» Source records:
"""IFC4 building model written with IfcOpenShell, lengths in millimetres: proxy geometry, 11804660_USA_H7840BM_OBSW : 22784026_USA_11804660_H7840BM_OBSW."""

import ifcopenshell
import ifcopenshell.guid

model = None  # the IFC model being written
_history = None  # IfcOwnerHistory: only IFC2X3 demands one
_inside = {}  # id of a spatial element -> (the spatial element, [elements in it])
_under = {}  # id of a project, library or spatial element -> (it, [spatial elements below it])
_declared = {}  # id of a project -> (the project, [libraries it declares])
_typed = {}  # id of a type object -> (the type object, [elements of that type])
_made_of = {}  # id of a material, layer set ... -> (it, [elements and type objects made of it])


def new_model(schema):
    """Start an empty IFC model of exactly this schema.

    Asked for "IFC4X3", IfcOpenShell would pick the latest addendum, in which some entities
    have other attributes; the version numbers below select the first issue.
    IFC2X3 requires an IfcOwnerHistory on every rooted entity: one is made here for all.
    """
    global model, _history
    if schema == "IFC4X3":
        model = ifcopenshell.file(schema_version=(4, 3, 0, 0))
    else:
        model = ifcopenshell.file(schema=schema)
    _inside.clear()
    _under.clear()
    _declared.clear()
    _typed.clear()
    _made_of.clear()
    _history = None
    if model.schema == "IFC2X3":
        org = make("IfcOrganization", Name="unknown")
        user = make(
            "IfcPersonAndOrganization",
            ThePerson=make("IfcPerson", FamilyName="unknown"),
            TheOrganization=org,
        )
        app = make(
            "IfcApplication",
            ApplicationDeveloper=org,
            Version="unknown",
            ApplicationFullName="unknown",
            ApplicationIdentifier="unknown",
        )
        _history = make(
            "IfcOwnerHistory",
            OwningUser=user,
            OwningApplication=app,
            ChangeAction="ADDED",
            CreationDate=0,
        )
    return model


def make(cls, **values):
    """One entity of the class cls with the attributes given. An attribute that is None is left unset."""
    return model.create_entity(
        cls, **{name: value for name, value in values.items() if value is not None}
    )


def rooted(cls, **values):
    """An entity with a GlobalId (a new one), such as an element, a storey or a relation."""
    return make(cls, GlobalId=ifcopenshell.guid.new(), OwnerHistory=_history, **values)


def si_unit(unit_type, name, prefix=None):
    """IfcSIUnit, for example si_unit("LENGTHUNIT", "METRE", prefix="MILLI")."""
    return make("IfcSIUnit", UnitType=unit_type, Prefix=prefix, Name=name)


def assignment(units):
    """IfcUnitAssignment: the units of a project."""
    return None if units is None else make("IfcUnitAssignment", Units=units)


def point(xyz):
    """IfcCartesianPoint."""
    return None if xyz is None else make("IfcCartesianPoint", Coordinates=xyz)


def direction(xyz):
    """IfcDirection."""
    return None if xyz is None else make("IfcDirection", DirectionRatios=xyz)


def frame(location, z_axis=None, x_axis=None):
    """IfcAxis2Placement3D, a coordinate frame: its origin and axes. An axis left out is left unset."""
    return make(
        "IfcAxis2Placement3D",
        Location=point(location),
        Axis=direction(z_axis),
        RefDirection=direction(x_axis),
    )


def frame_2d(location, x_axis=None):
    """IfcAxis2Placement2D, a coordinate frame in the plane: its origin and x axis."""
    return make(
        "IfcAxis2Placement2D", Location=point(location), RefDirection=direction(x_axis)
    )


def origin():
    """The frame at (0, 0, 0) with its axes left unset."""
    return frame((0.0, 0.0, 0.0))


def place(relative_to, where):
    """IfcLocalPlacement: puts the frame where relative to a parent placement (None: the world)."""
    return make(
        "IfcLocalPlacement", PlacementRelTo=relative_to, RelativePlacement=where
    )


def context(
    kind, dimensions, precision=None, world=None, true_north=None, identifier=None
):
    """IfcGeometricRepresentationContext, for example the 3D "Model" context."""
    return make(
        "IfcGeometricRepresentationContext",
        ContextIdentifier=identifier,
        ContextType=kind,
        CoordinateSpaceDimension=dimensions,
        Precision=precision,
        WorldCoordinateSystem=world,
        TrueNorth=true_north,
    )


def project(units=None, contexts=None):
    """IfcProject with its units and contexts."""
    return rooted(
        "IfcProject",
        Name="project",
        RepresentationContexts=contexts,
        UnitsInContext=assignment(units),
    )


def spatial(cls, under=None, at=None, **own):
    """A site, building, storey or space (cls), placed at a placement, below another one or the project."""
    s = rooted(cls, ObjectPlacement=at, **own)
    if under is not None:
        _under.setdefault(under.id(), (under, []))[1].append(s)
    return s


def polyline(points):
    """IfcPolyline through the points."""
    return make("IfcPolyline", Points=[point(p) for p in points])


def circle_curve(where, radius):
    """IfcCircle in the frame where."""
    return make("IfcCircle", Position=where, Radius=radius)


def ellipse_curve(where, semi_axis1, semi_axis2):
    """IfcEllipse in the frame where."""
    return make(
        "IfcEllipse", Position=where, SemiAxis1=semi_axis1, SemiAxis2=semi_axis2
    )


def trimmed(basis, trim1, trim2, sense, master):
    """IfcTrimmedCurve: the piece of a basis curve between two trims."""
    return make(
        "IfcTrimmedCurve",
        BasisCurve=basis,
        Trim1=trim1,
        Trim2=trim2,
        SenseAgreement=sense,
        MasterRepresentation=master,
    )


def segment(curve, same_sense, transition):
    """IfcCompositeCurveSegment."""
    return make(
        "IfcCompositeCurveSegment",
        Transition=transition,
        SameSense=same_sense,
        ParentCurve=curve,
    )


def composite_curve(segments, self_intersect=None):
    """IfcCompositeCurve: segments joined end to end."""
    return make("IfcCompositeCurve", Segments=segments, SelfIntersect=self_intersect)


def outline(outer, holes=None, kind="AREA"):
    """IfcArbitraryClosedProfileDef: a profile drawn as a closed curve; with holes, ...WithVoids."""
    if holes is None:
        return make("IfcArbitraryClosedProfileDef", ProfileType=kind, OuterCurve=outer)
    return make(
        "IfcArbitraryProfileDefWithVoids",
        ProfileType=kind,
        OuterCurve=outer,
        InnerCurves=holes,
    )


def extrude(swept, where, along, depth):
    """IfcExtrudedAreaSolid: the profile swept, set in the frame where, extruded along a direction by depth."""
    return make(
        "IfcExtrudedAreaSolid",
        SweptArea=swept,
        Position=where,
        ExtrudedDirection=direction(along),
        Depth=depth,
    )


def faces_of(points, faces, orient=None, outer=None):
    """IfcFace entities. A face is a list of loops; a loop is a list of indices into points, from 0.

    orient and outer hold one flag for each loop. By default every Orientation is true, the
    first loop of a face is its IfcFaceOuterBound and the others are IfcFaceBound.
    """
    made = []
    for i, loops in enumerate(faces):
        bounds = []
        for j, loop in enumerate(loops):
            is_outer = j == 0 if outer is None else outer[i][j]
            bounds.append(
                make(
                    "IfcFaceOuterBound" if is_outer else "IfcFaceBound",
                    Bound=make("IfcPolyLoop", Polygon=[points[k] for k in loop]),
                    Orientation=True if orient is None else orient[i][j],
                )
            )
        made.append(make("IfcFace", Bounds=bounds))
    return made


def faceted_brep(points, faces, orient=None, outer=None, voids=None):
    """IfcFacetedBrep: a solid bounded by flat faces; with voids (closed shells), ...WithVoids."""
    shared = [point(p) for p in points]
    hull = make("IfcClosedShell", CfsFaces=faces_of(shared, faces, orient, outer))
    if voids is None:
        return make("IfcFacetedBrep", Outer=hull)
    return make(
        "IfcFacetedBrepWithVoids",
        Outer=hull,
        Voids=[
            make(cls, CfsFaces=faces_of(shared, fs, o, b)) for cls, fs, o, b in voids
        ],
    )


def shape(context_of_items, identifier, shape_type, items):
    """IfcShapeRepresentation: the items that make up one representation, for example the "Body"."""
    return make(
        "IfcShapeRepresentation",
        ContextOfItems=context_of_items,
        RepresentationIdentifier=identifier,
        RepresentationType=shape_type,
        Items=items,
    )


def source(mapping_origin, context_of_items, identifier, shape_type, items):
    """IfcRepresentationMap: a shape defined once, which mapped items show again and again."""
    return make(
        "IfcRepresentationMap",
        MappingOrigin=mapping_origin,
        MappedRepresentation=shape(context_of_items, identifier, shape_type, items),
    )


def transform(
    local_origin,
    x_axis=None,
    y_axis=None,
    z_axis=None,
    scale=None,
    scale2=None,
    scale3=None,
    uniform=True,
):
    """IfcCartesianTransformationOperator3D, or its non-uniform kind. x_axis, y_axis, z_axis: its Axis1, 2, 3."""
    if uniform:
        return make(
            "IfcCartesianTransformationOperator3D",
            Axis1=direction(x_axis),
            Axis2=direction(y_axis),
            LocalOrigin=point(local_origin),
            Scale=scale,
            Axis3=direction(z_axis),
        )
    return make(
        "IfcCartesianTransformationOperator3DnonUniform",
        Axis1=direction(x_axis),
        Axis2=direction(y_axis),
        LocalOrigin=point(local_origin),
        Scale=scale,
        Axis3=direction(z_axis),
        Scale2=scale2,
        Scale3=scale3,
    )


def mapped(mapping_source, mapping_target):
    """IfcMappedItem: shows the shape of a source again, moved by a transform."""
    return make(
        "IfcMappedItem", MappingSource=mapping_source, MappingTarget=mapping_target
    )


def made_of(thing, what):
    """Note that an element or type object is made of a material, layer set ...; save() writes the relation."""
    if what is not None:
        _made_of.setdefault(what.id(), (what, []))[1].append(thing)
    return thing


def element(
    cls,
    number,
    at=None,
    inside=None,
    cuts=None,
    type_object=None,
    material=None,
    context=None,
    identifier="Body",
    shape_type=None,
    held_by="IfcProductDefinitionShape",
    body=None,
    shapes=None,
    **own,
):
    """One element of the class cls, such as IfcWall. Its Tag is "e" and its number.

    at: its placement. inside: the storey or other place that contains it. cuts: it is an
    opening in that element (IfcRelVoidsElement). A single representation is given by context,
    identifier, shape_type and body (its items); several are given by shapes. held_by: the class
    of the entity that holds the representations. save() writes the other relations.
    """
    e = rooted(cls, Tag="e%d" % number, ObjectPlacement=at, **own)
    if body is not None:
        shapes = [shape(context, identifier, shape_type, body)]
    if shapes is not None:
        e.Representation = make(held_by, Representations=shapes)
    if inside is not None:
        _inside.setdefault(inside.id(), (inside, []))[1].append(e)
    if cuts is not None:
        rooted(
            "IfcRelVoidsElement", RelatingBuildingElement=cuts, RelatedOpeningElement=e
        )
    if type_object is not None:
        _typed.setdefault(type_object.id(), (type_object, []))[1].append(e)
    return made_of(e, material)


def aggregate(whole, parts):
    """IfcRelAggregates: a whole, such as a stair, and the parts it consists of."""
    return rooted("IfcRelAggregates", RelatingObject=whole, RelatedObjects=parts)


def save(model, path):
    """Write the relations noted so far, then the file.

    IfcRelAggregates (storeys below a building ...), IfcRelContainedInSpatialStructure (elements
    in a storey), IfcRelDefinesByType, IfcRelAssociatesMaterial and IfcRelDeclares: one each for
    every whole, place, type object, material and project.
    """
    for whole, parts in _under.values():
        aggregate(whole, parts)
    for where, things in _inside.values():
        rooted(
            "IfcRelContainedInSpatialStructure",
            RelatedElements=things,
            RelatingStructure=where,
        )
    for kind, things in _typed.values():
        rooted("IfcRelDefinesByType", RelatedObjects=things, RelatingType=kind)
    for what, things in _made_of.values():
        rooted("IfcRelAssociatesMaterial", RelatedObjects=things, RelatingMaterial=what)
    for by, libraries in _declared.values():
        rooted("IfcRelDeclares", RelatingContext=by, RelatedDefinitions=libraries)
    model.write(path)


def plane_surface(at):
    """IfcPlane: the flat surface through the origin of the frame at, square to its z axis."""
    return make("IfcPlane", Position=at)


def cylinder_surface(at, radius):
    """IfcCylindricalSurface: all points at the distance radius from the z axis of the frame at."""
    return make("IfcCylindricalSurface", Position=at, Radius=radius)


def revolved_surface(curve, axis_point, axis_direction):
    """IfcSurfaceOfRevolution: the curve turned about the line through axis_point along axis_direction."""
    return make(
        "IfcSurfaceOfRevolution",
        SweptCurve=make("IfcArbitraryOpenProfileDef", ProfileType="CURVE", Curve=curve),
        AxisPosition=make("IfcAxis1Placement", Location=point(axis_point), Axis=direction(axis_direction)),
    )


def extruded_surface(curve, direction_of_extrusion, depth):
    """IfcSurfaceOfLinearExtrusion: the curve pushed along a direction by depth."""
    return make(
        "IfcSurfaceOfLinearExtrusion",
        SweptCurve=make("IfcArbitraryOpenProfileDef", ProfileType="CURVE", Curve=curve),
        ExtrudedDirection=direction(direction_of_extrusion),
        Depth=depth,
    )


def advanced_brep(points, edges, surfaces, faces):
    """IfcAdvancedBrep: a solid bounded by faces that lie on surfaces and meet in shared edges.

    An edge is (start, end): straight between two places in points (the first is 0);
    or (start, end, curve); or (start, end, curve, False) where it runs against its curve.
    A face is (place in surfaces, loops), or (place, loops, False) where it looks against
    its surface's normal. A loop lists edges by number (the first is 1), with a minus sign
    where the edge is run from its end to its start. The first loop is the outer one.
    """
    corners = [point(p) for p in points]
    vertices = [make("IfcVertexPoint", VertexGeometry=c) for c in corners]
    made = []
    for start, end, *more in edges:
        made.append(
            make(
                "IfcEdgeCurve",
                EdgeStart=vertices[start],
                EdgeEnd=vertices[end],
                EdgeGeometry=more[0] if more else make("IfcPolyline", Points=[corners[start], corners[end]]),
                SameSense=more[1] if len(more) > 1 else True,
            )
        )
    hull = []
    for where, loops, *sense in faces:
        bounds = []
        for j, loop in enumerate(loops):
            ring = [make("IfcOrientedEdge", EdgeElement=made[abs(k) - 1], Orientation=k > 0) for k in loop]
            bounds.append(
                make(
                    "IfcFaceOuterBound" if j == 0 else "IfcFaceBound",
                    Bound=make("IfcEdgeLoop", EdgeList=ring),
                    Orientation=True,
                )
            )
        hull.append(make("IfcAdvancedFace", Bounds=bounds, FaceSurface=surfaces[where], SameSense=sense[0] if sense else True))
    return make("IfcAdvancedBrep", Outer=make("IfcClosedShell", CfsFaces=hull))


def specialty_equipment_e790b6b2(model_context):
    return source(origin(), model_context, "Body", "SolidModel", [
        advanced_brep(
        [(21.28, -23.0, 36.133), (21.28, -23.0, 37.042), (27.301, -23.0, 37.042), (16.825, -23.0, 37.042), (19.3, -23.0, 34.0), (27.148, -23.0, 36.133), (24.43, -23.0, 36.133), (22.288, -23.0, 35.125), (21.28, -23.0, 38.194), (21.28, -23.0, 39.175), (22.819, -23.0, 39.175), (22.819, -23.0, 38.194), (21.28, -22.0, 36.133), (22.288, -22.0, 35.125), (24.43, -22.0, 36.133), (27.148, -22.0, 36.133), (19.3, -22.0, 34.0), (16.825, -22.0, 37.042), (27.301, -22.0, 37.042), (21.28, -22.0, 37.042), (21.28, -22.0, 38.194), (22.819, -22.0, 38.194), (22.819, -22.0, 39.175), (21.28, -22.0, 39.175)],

» TASK INSTRUCTIONS: When a line contains the string "things", copy it from the records.

» WRITTEN ANSWER:
    for where, things in _inside.values():
            RelatedElements=things,
    for kind, things in _typed.values():
        rooted("IfcRelDefinesByType", RelatedObjects=things, RelatingType=kind)
    for what, things in _made_of.values():
        rooted("IfcRelAssociatesMaterial", RelatedObjects=things, RelatingMaterial=what)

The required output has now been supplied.